§ Your goal: Below is a listing; repeat exactly the lines from the one containing "import ezdxf" to the one containing "doc.units = 0", both included.
[[ Dataset, beginning ]]
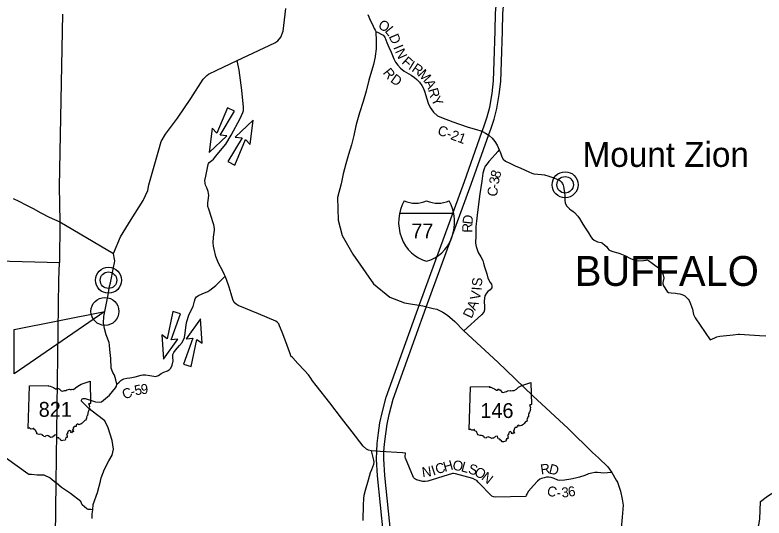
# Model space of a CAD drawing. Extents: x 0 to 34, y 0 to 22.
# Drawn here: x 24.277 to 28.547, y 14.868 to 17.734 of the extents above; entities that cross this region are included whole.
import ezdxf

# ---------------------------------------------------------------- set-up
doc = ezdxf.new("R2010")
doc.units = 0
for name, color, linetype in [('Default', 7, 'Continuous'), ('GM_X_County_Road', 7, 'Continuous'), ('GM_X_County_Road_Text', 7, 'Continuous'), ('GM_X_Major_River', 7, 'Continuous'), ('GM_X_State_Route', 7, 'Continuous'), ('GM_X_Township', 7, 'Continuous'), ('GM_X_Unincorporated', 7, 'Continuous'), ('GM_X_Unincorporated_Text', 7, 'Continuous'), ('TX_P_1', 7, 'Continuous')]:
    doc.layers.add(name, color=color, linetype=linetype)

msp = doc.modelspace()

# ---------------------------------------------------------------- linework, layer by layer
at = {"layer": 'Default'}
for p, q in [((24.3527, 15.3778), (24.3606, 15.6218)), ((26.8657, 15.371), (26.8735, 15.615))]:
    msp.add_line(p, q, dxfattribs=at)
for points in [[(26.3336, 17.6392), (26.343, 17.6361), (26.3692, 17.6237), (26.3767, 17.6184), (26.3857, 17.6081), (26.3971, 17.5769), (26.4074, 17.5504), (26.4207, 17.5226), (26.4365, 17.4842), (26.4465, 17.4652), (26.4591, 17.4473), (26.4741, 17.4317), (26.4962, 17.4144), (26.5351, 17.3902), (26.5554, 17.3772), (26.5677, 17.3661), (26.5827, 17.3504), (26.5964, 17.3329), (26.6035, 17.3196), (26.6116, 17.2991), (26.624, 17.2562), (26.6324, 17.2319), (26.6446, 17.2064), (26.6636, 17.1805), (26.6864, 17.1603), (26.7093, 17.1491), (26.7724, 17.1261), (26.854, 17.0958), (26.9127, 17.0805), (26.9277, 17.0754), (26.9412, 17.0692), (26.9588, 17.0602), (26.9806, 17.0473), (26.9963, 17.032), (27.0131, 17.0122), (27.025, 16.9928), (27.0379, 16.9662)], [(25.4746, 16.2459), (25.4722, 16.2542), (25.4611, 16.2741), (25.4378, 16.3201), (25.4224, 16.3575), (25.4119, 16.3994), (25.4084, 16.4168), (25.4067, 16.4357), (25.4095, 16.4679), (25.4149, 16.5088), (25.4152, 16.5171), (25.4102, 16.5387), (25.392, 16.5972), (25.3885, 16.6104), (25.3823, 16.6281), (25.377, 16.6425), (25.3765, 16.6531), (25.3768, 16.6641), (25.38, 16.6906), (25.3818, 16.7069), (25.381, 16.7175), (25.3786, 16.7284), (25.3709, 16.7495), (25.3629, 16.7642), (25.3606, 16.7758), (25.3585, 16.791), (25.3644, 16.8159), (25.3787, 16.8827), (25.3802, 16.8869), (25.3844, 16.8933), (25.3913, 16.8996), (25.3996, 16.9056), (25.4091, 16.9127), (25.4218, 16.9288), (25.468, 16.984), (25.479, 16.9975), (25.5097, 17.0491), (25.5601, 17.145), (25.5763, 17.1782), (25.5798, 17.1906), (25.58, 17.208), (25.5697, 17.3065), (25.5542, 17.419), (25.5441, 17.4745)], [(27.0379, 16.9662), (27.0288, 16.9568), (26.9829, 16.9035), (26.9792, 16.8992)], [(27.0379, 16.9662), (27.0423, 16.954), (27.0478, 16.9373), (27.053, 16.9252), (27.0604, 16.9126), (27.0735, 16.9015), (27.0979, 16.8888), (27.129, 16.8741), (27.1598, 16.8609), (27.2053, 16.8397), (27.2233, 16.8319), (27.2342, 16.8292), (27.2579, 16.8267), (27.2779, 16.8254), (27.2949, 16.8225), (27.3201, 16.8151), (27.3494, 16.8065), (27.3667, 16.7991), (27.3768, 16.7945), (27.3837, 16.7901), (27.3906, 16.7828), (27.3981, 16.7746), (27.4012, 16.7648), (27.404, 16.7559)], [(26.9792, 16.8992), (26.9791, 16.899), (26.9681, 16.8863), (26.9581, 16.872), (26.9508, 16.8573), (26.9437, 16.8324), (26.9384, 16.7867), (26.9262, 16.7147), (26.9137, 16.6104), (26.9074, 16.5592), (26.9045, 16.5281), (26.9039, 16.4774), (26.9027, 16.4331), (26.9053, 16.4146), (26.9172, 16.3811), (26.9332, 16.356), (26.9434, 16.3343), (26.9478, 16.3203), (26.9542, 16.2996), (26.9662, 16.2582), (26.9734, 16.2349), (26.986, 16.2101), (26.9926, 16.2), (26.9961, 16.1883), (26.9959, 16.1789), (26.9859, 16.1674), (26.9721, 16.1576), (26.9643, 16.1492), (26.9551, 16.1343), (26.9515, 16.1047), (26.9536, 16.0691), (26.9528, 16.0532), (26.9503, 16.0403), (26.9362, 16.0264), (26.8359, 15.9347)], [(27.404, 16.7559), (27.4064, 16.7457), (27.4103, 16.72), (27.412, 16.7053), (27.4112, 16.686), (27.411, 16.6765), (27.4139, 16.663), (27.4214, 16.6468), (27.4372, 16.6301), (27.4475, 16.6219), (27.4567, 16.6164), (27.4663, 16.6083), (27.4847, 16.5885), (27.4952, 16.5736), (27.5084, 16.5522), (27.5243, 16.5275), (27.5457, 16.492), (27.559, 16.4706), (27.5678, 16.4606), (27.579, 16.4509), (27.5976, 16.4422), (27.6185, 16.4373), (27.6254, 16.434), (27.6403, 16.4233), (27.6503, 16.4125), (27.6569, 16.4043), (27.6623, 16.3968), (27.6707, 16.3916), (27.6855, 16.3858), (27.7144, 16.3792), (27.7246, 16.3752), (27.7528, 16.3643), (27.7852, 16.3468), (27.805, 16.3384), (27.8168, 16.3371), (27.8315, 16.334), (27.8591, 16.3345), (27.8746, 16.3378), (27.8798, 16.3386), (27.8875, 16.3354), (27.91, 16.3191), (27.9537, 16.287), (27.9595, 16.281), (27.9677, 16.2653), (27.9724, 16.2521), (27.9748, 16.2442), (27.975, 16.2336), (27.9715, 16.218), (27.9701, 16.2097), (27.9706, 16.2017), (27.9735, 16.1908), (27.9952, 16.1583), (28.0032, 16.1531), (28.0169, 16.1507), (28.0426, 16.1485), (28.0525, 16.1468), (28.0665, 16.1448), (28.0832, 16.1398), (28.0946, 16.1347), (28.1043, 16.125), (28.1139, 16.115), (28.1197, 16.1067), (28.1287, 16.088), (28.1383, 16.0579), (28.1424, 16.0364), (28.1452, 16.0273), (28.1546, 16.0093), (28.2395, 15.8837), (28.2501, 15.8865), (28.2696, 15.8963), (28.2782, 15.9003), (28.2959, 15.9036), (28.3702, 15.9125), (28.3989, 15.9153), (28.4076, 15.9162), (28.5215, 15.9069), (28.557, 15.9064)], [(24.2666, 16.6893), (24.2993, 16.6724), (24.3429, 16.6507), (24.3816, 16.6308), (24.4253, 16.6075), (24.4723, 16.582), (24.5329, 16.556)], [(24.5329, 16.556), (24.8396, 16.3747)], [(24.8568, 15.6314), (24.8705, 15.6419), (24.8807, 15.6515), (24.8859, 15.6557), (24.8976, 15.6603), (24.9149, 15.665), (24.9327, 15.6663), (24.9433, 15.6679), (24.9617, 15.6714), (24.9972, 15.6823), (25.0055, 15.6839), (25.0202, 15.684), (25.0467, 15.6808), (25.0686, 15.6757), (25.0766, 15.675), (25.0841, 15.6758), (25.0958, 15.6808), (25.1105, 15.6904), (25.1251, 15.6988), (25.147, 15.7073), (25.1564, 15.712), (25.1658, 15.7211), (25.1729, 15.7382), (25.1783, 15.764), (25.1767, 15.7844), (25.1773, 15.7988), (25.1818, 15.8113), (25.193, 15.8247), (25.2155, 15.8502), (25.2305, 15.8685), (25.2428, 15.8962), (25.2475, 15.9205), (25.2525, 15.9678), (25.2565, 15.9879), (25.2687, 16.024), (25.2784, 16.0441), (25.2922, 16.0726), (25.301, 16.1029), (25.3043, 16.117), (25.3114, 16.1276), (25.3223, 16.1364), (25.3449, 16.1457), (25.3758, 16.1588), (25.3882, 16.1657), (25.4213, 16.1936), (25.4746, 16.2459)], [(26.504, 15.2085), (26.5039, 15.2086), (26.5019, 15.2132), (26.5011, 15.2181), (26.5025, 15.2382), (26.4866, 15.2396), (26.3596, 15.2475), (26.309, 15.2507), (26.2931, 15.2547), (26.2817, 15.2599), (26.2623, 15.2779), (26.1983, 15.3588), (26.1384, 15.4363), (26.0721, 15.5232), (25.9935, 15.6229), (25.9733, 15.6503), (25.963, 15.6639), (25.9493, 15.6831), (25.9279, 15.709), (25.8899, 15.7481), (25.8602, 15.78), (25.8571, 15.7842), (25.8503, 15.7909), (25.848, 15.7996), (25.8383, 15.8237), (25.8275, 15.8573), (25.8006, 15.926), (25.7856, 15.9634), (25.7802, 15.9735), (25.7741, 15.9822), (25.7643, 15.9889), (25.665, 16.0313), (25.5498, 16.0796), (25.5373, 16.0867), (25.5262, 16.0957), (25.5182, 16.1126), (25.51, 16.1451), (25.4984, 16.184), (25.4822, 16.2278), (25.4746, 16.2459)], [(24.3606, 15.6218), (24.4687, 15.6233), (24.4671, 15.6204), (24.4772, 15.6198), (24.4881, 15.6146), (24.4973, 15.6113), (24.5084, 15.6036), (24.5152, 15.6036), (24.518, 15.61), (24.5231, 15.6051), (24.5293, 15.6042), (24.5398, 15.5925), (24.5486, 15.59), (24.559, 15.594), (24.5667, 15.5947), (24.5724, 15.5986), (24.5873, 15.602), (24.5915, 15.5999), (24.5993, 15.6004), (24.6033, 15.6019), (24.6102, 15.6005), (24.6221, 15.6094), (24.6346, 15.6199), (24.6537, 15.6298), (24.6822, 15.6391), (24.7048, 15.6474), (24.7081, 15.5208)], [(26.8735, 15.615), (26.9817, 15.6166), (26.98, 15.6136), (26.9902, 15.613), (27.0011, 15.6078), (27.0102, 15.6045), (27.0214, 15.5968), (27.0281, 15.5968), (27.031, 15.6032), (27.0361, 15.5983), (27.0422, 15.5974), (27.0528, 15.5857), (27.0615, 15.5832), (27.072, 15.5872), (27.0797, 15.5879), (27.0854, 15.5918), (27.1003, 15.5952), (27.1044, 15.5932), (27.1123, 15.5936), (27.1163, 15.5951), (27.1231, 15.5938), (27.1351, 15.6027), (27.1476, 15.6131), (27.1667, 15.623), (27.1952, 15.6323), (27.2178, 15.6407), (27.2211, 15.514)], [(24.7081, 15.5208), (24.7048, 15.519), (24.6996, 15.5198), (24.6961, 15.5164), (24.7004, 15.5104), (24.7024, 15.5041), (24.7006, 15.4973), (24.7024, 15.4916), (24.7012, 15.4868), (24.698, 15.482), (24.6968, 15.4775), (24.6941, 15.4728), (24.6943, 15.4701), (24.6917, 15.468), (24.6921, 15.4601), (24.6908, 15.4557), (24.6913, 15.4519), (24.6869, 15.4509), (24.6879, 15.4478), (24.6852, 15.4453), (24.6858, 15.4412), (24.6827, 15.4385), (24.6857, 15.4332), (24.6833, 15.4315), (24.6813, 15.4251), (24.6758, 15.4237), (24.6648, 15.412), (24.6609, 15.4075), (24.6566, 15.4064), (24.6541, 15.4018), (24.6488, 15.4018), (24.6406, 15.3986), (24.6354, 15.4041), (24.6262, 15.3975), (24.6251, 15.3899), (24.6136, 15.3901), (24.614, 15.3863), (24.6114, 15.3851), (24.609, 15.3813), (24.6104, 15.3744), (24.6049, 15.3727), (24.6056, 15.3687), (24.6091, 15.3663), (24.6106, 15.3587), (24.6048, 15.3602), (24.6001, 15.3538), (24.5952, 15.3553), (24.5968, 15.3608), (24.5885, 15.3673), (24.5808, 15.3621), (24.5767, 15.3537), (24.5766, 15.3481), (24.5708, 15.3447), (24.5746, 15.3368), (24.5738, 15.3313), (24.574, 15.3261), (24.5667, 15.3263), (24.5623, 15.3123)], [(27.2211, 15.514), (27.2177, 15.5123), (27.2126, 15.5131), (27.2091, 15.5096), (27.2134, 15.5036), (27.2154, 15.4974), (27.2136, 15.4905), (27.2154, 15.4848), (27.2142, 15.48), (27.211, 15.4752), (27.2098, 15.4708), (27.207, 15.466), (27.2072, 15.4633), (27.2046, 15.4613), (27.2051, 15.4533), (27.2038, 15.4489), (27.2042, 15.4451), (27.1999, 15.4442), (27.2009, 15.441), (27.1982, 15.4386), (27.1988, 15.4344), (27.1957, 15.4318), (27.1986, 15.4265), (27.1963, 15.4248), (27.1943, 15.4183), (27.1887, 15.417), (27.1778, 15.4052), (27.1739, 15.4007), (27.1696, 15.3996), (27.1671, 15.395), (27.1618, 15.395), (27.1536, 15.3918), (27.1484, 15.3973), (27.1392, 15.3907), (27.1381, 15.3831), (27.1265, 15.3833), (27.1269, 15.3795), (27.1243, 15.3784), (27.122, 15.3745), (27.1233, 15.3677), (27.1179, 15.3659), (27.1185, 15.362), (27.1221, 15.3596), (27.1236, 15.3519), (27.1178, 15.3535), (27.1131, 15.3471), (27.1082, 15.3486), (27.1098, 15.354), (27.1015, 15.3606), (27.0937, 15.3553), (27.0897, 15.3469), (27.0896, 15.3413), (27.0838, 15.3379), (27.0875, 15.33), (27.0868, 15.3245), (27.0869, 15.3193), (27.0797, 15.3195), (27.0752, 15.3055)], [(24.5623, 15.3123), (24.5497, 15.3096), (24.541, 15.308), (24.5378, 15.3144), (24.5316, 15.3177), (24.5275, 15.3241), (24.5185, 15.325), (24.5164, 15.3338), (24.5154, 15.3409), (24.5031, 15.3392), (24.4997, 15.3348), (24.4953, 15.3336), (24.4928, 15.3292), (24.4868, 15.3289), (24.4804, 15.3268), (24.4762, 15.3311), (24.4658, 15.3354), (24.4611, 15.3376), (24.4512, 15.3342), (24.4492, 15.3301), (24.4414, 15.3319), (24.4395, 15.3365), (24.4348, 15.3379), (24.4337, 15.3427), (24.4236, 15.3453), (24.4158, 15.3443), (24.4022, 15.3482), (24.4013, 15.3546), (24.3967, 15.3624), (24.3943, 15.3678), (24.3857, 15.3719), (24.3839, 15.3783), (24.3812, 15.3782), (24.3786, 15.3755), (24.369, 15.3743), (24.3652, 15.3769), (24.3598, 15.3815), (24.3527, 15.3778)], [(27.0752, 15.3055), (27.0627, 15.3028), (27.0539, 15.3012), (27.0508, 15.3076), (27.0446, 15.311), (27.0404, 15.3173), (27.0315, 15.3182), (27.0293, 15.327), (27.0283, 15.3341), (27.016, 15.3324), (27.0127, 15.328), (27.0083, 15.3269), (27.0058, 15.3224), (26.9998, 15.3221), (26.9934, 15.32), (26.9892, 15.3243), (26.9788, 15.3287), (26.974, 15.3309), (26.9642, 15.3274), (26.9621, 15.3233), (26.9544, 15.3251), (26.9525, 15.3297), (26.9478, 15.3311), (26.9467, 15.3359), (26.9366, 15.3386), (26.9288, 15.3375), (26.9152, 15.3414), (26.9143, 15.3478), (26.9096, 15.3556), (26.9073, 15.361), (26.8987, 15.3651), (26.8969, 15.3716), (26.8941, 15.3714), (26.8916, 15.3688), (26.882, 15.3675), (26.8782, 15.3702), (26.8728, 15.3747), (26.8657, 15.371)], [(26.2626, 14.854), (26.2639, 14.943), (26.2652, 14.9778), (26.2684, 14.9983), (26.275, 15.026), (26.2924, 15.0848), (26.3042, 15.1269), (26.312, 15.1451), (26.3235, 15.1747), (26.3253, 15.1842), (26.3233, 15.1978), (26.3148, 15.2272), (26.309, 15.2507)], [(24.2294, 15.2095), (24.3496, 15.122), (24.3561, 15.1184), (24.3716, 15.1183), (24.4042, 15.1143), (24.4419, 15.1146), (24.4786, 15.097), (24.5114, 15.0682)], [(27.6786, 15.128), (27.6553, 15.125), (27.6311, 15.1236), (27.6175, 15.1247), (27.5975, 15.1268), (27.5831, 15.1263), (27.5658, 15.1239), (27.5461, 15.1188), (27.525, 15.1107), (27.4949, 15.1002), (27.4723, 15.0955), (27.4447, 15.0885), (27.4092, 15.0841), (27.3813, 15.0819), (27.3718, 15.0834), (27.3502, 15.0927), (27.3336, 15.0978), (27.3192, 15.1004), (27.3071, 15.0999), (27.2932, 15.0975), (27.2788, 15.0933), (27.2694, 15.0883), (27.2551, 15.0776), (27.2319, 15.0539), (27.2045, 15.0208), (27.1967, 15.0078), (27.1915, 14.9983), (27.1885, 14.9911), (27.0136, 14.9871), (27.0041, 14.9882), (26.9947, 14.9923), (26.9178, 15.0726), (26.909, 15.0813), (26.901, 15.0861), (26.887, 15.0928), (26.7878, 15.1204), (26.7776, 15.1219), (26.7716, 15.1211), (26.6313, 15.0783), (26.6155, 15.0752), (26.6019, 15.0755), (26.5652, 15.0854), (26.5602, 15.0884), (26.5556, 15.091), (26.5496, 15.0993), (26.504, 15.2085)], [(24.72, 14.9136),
[[ Dataset, end ]]
§ Response area:
import ezdxf

# ---------------------------------------------------------------- set-up
doc = ezdxf.new("R2010")
doc.units = 0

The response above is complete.